◆ HOW TO COMPLETE THIS TASK
Please return every line of the records below that contains the word "other".

◆ THE RECORDS
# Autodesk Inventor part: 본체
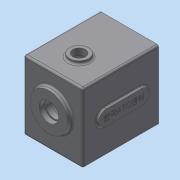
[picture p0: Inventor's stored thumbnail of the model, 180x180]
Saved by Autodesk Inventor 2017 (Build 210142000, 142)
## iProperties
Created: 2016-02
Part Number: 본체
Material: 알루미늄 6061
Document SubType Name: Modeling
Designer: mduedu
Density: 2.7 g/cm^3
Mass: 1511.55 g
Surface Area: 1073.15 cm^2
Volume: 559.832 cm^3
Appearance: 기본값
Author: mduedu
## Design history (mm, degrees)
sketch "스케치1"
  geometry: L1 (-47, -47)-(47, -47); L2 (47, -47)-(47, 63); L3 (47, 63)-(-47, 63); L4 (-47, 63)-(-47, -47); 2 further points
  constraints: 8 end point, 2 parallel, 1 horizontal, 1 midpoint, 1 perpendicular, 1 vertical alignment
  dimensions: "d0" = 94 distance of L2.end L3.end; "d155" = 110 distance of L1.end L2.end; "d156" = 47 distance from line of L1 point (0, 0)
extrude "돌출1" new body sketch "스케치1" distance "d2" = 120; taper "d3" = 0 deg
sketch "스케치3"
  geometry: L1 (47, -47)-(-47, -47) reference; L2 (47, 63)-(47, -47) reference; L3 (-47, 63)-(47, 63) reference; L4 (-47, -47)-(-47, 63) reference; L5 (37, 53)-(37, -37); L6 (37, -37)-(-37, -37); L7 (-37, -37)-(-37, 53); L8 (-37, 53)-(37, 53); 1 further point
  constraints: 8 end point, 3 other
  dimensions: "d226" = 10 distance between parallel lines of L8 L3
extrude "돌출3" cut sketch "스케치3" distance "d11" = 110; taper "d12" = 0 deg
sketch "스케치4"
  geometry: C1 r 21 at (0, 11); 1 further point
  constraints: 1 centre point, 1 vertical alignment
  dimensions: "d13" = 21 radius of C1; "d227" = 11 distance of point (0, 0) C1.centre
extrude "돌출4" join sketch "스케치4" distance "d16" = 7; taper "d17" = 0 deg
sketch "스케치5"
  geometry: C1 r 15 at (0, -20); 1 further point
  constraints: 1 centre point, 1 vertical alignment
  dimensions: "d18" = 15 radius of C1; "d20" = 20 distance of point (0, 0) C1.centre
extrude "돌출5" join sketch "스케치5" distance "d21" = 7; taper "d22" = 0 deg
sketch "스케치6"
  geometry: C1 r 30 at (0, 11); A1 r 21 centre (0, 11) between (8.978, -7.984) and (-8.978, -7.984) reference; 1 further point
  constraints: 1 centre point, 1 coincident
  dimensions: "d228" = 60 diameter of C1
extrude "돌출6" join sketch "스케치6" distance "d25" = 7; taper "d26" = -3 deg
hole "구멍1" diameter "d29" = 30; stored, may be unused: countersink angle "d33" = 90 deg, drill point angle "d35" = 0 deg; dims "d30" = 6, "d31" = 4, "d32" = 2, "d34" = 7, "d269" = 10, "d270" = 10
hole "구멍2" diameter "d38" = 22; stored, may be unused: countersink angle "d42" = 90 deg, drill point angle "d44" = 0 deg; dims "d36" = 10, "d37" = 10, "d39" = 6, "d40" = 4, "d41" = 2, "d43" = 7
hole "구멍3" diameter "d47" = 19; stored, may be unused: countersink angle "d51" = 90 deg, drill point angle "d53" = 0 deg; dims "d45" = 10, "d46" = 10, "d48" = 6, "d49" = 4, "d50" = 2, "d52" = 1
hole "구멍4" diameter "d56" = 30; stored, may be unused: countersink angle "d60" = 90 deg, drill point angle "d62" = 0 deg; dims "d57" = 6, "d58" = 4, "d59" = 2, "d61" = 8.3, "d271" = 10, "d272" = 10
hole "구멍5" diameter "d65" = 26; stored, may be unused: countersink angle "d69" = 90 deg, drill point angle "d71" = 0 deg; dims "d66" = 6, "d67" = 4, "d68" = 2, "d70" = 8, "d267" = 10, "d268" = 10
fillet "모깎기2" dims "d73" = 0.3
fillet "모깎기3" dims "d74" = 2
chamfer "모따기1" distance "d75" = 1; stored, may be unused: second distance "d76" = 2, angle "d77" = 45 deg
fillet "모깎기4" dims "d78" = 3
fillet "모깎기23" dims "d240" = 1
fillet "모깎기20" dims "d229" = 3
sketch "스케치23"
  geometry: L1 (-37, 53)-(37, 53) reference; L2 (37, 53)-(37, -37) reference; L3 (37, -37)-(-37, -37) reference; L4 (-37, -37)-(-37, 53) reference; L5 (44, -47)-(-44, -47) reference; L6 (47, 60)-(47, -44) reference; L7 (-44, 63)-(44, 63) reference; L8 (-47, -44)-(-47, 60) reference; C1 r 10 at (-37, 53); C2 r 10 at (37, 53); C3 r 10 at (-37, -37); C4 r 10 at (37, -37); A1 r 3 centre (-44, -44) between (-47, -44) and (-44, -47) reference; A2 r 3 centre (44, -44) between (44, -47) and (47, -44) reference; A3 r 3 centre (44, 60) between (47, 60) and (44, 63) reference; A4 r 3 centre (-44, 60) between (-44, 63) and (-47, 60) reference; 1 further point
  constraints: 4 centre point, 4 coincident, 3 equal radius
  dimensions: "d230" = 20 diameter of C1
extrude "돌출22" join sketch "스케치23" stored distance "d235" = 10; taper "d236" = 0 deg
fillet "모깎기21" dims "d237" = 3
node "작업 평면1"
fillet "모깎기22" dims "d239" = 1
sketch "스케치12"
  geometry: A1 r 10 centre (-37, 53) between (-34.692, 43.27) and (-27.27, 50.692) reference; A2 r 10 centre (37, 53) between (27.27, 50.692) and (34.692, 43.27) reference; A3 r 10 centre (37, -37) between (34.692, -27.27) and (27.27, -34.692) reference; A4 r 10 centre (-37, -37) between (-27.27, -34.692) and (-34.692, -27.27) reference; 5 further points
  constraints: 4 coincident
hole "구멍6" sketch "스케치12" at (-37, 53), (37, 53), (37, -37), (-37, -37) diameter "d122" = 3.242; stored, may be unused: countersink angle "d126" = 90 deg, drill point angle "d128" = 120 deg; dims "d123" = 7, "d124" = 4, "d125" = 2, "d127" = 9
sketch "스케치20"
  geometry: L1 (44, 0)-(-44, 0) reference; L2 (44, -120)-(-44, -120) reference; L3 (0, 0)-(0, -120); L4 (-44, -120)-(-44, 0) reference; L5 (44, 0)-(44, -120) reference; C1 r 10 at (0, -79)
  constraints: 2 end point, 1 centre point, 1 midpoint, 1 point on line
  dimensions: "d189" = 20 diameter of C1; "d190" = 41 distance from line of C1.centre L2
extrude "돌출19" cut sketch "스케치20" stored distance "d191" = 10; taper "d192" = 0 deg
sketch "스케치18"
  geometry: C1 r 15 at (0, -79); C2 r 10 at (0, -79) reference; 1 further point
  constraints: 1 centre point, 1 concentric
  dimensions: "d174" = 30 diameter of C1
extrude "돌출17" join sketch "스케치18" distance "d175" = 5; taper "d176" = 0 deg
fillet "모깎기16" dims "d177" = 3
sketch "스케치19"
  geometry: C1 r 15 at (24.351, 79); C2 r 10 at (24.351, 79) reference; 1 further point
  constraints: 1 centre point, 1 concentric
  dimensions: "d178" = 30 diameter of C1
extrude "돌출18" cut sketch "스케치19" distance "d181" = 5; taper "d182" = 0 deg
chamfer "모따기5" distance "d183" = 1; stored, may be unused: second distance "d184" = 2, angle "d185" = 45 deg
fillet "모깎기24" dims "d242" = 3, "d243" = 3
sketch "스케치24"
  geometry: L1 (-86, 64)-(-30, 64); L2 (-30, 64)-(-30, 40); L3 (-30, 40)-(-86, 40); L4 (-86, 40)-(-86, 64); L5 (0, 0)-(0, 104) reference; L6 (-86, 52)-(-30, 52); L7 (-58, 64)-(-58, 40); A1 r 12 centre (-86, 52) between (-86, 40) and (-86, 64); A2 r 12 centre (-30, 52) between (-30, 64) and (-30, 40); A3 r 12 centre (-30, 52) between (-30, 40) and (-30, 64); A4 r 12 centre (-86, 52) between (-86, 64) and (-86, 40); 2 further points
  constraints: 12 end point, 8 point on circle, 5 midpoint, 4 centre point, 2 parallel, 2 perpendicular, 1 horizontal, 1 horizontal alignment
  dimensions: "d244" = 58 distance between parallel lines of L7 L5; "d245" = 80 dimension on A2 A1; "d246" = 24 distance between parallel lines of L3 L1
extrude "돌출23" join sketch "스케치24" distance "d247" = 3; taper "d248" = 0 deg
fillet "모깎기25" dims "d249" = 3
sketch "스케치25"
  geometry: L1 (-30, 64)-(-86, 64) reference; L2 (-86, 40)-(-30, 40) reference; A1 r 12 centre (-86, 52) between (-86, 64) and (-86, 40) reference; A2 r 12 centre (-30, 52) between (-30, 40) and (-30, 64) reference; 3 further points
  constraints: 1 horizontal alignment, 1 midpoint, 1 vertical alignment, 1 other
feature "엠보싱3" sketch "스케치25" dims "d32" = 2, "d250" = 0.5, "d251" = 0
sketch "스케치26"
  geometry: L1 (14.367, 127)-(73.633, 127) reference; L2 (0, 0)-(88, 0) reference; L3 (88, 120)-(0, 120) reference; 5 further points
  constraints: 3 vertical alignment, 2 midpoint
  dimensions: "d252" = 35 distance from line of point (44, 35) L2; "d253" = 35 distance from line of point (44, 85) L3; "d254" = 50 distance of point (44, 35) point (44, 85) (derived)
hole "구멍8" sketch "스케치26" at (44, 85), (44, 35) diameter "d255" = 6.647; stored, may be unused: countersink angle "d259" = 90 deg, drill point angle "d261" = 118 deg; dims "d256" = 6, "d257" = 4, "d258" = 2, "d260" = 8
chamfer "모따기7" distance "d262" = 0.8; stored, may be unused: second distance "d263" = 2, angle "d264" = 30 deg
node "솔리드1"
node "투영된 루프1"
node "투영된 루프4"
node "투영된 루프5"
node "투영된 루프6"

◆ ANSWER TO THE EXERCISE
  constraints: 8 end point, 3 other
  constraints: 1 horizontal alignment, 1 midpoint, 1 vertical alignment, 1 other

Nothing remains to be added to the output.